Wednesday, May 8, 2013

Gregory Wright - FORCES

Greg Wright, a friend and skilled painter, is currently having a solo show of 18 works in his series, "Forces", at Galatea Fine Art in Boston's South End, running until May 31st.

Detail of Synaptic III

Shifting, Expanding, Creeping, Growing, Intertwining
The works are all painted in a grisaille palette of mostly greys, whites and blacks, but despite the overall somber tonality, the marks and forms in the works appear to be actively moving in a lively exploration of space. Those forms represent "the dissemination and movement of information and the unspoken word" but are also unseen forces present throughout life within our bodies and in our souls. Portraying all of this is a weighty challenge, but Greg paints twisting and intertwining organic forms in many shapes and configurations that he imagines in various scenarios. This is a powerful collection of works that draw the viewer in to visual exploration of the dark recesses within the sinewy compositions.

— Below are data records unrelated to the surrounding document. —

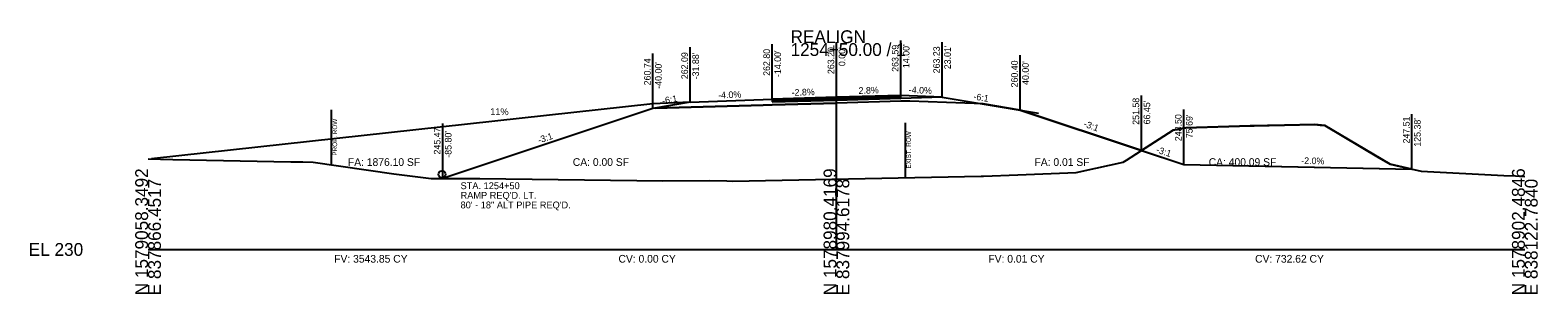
# Model space of a CAD drawing. Extents: x -26 to 6303, y -16 to 9563.
# Drawn here: x 2974.3 to 3302.8, y 6490.3 to 6547.8 of the extents above; entities that cross this region are included whole.
import ezdxf

# ---------------------------------------------------------------- set-up
doc = ezdxf.new("R2010")
doc.units = 0
for name, color, linetype in [('ASPHALT_19MM1', 7, 'Continuous'), ('ASPHALT_9_5MM1', 7, 'Continuous'), ('CONST_LV3', 7, 'Continuous'), ('CONST_PROF_LV1', 7, 'Continuous'), ('Draft_XS_Grid', 7, 'Continuous'), ('DTM_TEMP_DROP', 7, 'Continuous'), ('DTM_X_FLOW_ARROWS', 7, 'Continuous'), ('DTM_X_GROUND', 7, 'Continuous'), ('TRANS_BRIDGE', 7, 'Continuous'), ('XS_CELL', 7, 'Continuous'), ('XS_M_SHAPES_EARTHWORK', 7, 'Continuous'), ('XS_P_DRAINAGE', 7, 'Continuous'), ('XS_P_DRIVEWAY', 7, 'Continuous'), ('XS_P_GROUND', 7, 'Continuous'), ('XS_P_NULL_POINT', 7, 'Continuous'), ('XS_P_ROW', 7, 'Continuous'), ('XS_P_SHOULDER', 7, 'Continuous'), ('XS_P_SUBGRADE_GRANULAR', 7, 'Continuous'), ('XS_P_TX_CLEARZONE', 7, 'Continuous'), ('XS_P_TX_FS_BS', 7, 'Continuous'), ('XS_PLAN_CLEAR_ZONE', 7, 'Continuous'), ('XS_SHEET_EW_TX_AREA', 7, 'Continuous'), ('XS_SHEET_EW_TX_VOLUME', 7, 'Continuous'), ('XS_X_ROW', 7, 'Continuous')]:
    doc.layers.add(name, color=color, linetype=linetype)

msp = doc.modelspace()

# ---------------------------------------------------------------- linework, layer by layer
at = {"layer": 'ASPHALT_19MM1'}
msp.add_lwpolyline([(3136, 6532.2), (3136, 6532.2), (3136, 6532.2), (3150, 6532.59), (3150, 6532.59), (3164, 6532.98), (3164, 6532.98), (3164, 6533.26), (3150, 6532.86), (3150, 6532.86), (3136, 6532.47), (3136, 6532.47), (3136, 6532.2)], dxfattribs=at)
at = {"layer": 'ASPHALT_9_5MM1'}
msp.add_lwpolyline([(3136, 6532.68), (3136, 6532.68), (3136, 6532.68), (3150, 6533.07), (3150, 6533.07), (3164, 6533.46), (3164, 6533.46), (3164, 6533.59), (3150, 6533.2), (3150, 6533.2), (3136, 6532.8), (3136, 6532.8), (3136, 6532.68)], dxfattribs=at)
at = {"layer": 'CONST_LV3'}
for points in [[(3150, 6533.2), (3164, 6532.92)], [(3173.01, 6533.23), (3164, 6532.92), (3164, 6532.92)], [(3181.97, 6531.73), (3194, 6529.73)], [(3110.51, 6530.82), (3110, 6530.74)]]:
    msp.add_lwpolyline(points, dxfattribs=at)
at = {"layer": 'DTM_X_GROUND'}
msp.add_lwpolyline([(3000, 6519.76), (3005.39, 6519.63), (3031.13, 6519.13), (3031.92, 6519.12), (3033.69, 6519.08), (3035.97, 6519.04), (3053.55, 6516.52), (3061.69, 6515.46), (3066.9, 6515.48), (3072.31, 6515.49), (3112.19, 6514.98), (3122.27, 6515.02), (3126.1, 6514.94), (3127.38, 6514.92), (3181.55, 6515.95), (3181.8, 6515.96), (3181.87, 6515.97), (3182.08, 6515.97), (3189.55, 6516.27), (3202.26, 6516.78), (3206.55, 6517.73), (3212.45, 6519.03), (3213.18, 6519.49), (3223.39, 6526.01), (3226.06, 6526.55), (3226.08, 6526.55), (3226.17, 6526.56), (3240.14, 6526.97), (3241.03, 6526.99), (3254.27, 6527.25), (3255.4, 6527.13), (3256.44, 6527.03), (3268.12, 6520.07), (3270.64, 6518.57), (3271.89, 6518.29), (3277.45, 6517.04), (3295.42, 6516.14), (3297.99, 6516.03), (3298.81, 6515.99), (3300, 6515.93)], dxfattribs=at)
at = {"layer": 'XS_CELL'}
for p, q in [((3150, 6500), (3150, 6545)), ((3000, 6500), (3150, 6500)), ((3150, 6500), (3300, 6500))]:
    msp.add_line(p, q, dxfattribs=at)
at = {"layer": 'XS_M_SHAPES_EARTHWORK'}
msp.add_lwpolyline([(3064.2, 6515.47), (3066.9, 6515.48), (3072.31, 6515.49), (3112.19, 6514.98), (3122.27, 6515.02), (3126.1, 6514.94), (3127.38, 6514.92), (3181.55, 6515.95), (3181.8, 6515.96), (3181.87, 6515.97), (3182.08, 6515.97), (3189.55, 6516.27), (3202.26, 6516.78), (3206.55, 6517.73), (3212.45, 6519.03), (3213.18, 6519.49), (3216.45, 6521.58), (3190, 6530.4), (3181.97, 6531.73), (3166, 6532.37), (3164, 6532.32), (3150, 6531.93), (3136, 6531.53), (3134, 6531.48), (3110.51, 6530.82), (3110, 6530.74)], close=True, dxfattribs=at)
at = {"layer": 'XS_P_DRAINAGE'}
msp.add_circle((3064.05, 6516.37), 0.75, dxfattribs=at)
at = {"layer": 'XS_P_DRIVEWAY'}
for p, q in [((3110, 6531.76), (3000.72, 6519.74)), ((3118.12, 6532.09), (3110, 6531.76))]:
    msp.add_line(p, q, dxfattribs=at)
at = {"layer": 'XS_P_GROUND'}
for points in [[(3118.12, 6532.09), (3110, 6530.74), (3064.2, 6515.47)], [(3173.01, 6533.23), (3190, 6530.4), (3216.45, 6521.58)], [(3173.01, 6533.23), (3190, 6530.4), (3225.69, 6518.5)], [(3225.69, 6518.5), (3240.03, 6518.21)], [(3240.03, 6518.21), (3275.38, 6517.51)]]:
    msp.add_lwpolyline(points, dxfattribs=at)
at = {"layer": 'XS_P_ROW'}
msp.add_line((3040, 6518.46), (3040, 6530.46), dxfattribs=at)
at = {"layer": 'XS_P_SHOULDER'}
for points in [[(3118.12, 6532.09), (3136, 6532.8), (3136, 6532.8)], [(3173.01, 6533.23), (3164, 6533.59), (3164, 6533.59)]]:
    msp.add_lwpolyline(points, dxfattribs=at)
at = {"layer": 'XS_P_SUBGRADE_GRANULAR'}
for points in [[(3110.51, 6530.82), (3134, 6531.48), (3134, 6531.48), (3134, 6531.48), (3136, 6531.53)], [(3136, 6531.53), (3136, 6531.53), (3150, 6531.93)], [(3164, 6532.32), (3150, 6531.93), (3150, 6531.93)], [(3181.97, 6531.73), (3166, 6532.37), (3166, 6532.37), (3164, 6532.32), (3164, 6532.32)]]:
    msp.add_lwpolyline(points, dxfattribs=at)
at = {"layer": 'XS_P_TX_CLEARZONE'}
for p, q in [((3136, 6532.8), (3136, 6544.8)), ((3150, 6533.2), (3150, 6545.2)), ((3164, 6533.59), (3164, 6545.59)), ((3173.01, 6533.23), (3173.01, 6545.23)), ((3173.01, 6533.23), (3173.01, 6545.23)), ((3110, 6530.74), (3110, 6542.74)), ((3118.12, 6532.09), (3118.12, 6544.09)), ((3190, 6530.4), (3190, 6542.4)), ((3216.45, 6521.58), (3216.45, 6533.58)), ((3225.69, 6518.5), (3225.69, 6530.5)), ((3275.38, 6517.51), (3275.38, 6529.51)), ((3064.2, 6515.47), (3064.2, 6527.47))]:
    msp.add_line(p, q, dxfattribs=at)
at = {"layer": 'XS_P_TX_FS_BS'}
msp.add_lwpolyline([(3216.45, 6521.58), (3225.69, 6518.5), (3275.38, 6517.51), (3270.64, 6518.57), (3256.44, 6527.03), (3254.27, 6527.25), (3247.65, 6527.12), (3240.14, 6526.97), (3233.15, 6526.76), (3226.17, 6526.56), (3223.39, 6526.01)], close=True, dxfattribs=at)
at = {"layer": 'XS_PLAN_CLEAR_ZONE'}
msp.add_lwpolyline([(3136, 6532.47), (3136, 6532.47), (3136, 6532.47), (3150, 6532.86), (3150, 6532.86), (3164, 6533.26), (3164, 6533.26), (3164, 6533.46), (3150, 6533.07), (3150, 6533.07), (3136, 6532.68), (3136, 6532.68), (3136, 6532.47)], dxfattribs=at)
at = {"layer": 'XS_X_ROW'}
msp.add_line((3165.03, 6515.64), (3165.03, 6527.64), dxfattribs=at)

# ---------------------------------------------------------------- texts
at = {"layer": 'CONST_PROF_LV1'}
for p in [(3216.37, 6521.46), (3064.12, 6515.35)]:
    msp.add_text('X', height=0.24, dxfattribs=at).set_placement(p)
at = {"layer": 'Draft_XS_Grid'}
msp.add_text('-', height=0.0001, dxfattribs=at).set_placement((3000, 6500))
at = {"layer": 'DTM_TEMP_DROP'}
for p in [(3135.92, 6532.68), (3149.92, 6533.08), (3163.92, 6533.47)]:
    msp.add_text('X', height=0.24, dxfattribs=at).set_placement(p)
at = {"layer": 'DTM_X_FLOW_ARROWS'}
msp.add_text('X', height=0.24, dxfattribs=at).set_placement((3275.31, 6517.39))
at = {"layer": 'TRANS_BRIDGE'}
for p in [(3216.37, 6521.46), (3064.12, 6515.35)]:
    msp.add_text('X', height=0.24, dxfattribs=at).set_placement(p)
at = {"layer": 'XS_CELL'}
for s, p in [('REALIGN', (3140, 6545)), ('1254+50.00 / 1', (3140, 6542.2)), ('EL 230', (2974, 6498.6))]:
    msp.add_text(s, height=2.8, dxfattribs=at).set_placement(p)
for s, p in [('N 1579058.3492', (3000, 6490)), ('E 837866.4517', (3002.8, 6490)), ('N 1578980.4169', (3150, 6490)), ('E 837994.6178', (3152.8, 6490)), ('N 1578902.4846', (3300, 6490)), ('E 838122.7840', (3302.8, 6490))]:
    msp.add_text(s, height=2.8, rotation=90, dxfattribs=at).set_placement(p)
at = {"layer": 'XS_P_DRIVEWAY'}
for s, p in [('11%', (3074.55, 6529.3)), ('STA. 1254+50', (3068.1, 6513.15)), ("RAMP REQ'D. LT.", (3068.1, 6511.05)), ('80\' - 18" ALT PIPE REQ\'D.', (3068.1, 6508.95))]:
    msp.add_text(s, height=1.5, dxfattribs=at).set_placement(p)
at = {"layer": 'XS_P_GROUND'}
for p in [(3109.92, 6530.62), (3193.92, 6529.61)]:
    msp.add_text('X', height=0.24, dxfattribs=at).set_placement(p)
at = {"layer": 'XS_P_NULL_POINT'}
for p in [(3172.93, 6533.11), (3189.92, 6530.28)]:
    msp.add_text('X', height=0.24, dxfattribs=at).set_placement(p)
at = {"layer": 'XS_P_ROW'}
msp.add_text('PROP. ROW', height=1, rotation=90, dxfattribs=at).set_placement((3041.2, 6520.46))
at = {"layer": 'XS_P_SHOULDER'}
for p in [(3118.04, 6531.97), (3172.93, 6533.11)]:
    msp.add_text('X', height=0.24, dxfattribs=at).set_placement(p)
at = {"layer": 'XS_P_SUBGRADE_GRANULAR'}
msp.add_text('X', height=0.24, dxfattribs=at).set_placement((3225.61, 6518.38))
at = {"layer": 'XS_P_TX_CLEARZONE'}
for s, p in [('263.59', (3163.52, 6538.75)), ("14.00'", (3165.92, 6539.56)), ("23.01'", (3174.93, 6539.31)), ('260.74', (3109.52, 6535.8)), ('262.09', (3117.64, 6537.14)), ("-31.88'", (3120.04, 6537.11)), ('262.80', (3135.52, 6537.86)), ("-14.00'", (3137.92, 6537.6)), ('263.20', (3149.52, 6538.25)), ("0.00'", (3151.92, 6539.98)), ('263.23', (3172.53, 6538.41)), ('260.40', (3189.52, 6535.34)), ("-40.00'", (3111.92, 6535.05)), ("40.00'", (3191.92, 6535.89)), ('251.58', (3215.97, 6527.19)), ("66.45'", (3218.37, 6527.28)), ('248.50', (3225.21, 6523.62)), ("75.69'", (3227.61, 6524.27)), ('247.51', (3274.9, 6523.11)), ("125.38'", (3277.3, 6522.41)), ('245.47', (3063.72, 6520.71)), ("-85.80'", (3066.12, 6520.01))]:
    msp.add_text(s, height=1.44, rotation=90, dxfattribs=at).set_placement(p)
at = {"layer": 'XS_P_TX_FS_BS'}
for s, rotation, p in [('-4.0%', 2.2906, (3124.25, 6532.93)), ('-2.8%', 1.6039, (3140.25, 6533.52)), ('2.8%', 1.6039, (3154.84, 6533.93)), ('-4.0%', 357.7094, (3165.74, 6534.12)), ('-6:1', 9.4642, (3112.14, 6531.7)), ('-6:1', 350.5377, (3179.78, 6532.71)), ('-3:1', 18.4332, (3085.19, 6523.1)), ('-3:1', 340.05, (3203.73, 6526.84)), ('-3:1', 341.5634, (3219.54, 6521.18)), ('-2.0%', 358.8542, (3251.27, 6518.66))]:
    msp.add_text(s, height=1.44, rotation=rotation, dxfattribs=at).set_placement(p)
at = {"layer": 'XS_SHEET_EW_TX_AREA'}
for s, p in [('FA: 1876.10 SF', (3043.55, 6518.22)), ('CA: 0.00 SF', (3092.56, 6518.22)), ('FA: 0.01 SF', (3193.16, 6518.22)), ('CA: 400.09 SF', (3231.12, 6518.22))]:
    msp.add_text(s, height=1.68, dxfattribs=at).set_placement(p)
at = {"layer": 'XS_SHEET_EW_TX_VOLUME'}
for s, p in [('FV: 3543.85 CY', (3040.56, 6497.12)), ('CV: 0.00 CY', (3102.51, 6497.12)), ('FV: 0.01 CY', (3183.11, 6497.12)), ('CV: 732.62 CY', (3241.23, 6497.12))]:
    msp.add_text(s, height=1.68, dxfattribs=at).set_placement(p)
at = {"layer": 'XS_X_ROW'}
msp.add_text('EXIST. ROW', height=1, rotation=90, dxfattribs=at).set_placement((3166.23, 6517.64))

doc.saveas('drawing.dxf')

Viewing the Exhibition Moving Around the Gallery  (be sure to click on the images to enlarge them)
(Note: I'm sorry for the color differences here and there caused by those yellowish photos being taken by my iPhone. Others were taken with a more-pixelated camera.)

At right, Synaptic I, II and III, 2011- each 48" x 20,"
At left, The Truth Comes Out, 2012, 36" x 30"
All painted with encaustic, oil, pigment and shellac on birth panels

As we enter the gallery space proper, the three tall Synaptic paintings are on the right and ahead is the slightly more colorful The Truth Comes Out. One of the forces that Greg refers to is synaptic reaction as electrical impulses move through our bodies or across the internet. He is interested in the forces that set off this chain reaction and perpetuate change.

 Synaptic I, II and III, 2011

Synaptic III

The side wall of the gallery showing left to right - The Quest, diptych,
On Many Different Levels I and II (boxes) and The Truth Comes Out

Dimensional Illusion
Seeing these works on the screen,may give the impression that they are actually sculptural, and although they do have some areas where encaustic paint is built up, these are two-dimensional paintings. Hieronymus Bosch is an influence, but where Bosch depicted humanity to comment on social and religious life, Wright's forms are abstractly organic and vaguely familiar but not identifiable. He refers to them as "Baroque-like compositions of beautiful complication."

The Truth Comes Out, 2012, 36" x 30"
encaustic, oil, pigment and shellac on birth panel

I think The Truth Comes Out is my favorite piece in the show. It seems to portray an undersea world of seaweed, billowing bubbles, limitless underwater depths and some kind of strange egg shapes. The mostly grey palette has a few cool greens added that enhance the illusion of or allusion to the sea world. Or could this be an imaginary glimpse into the inner workings of the body, not pink and red as we know it, but cooly grey and white with touches of green?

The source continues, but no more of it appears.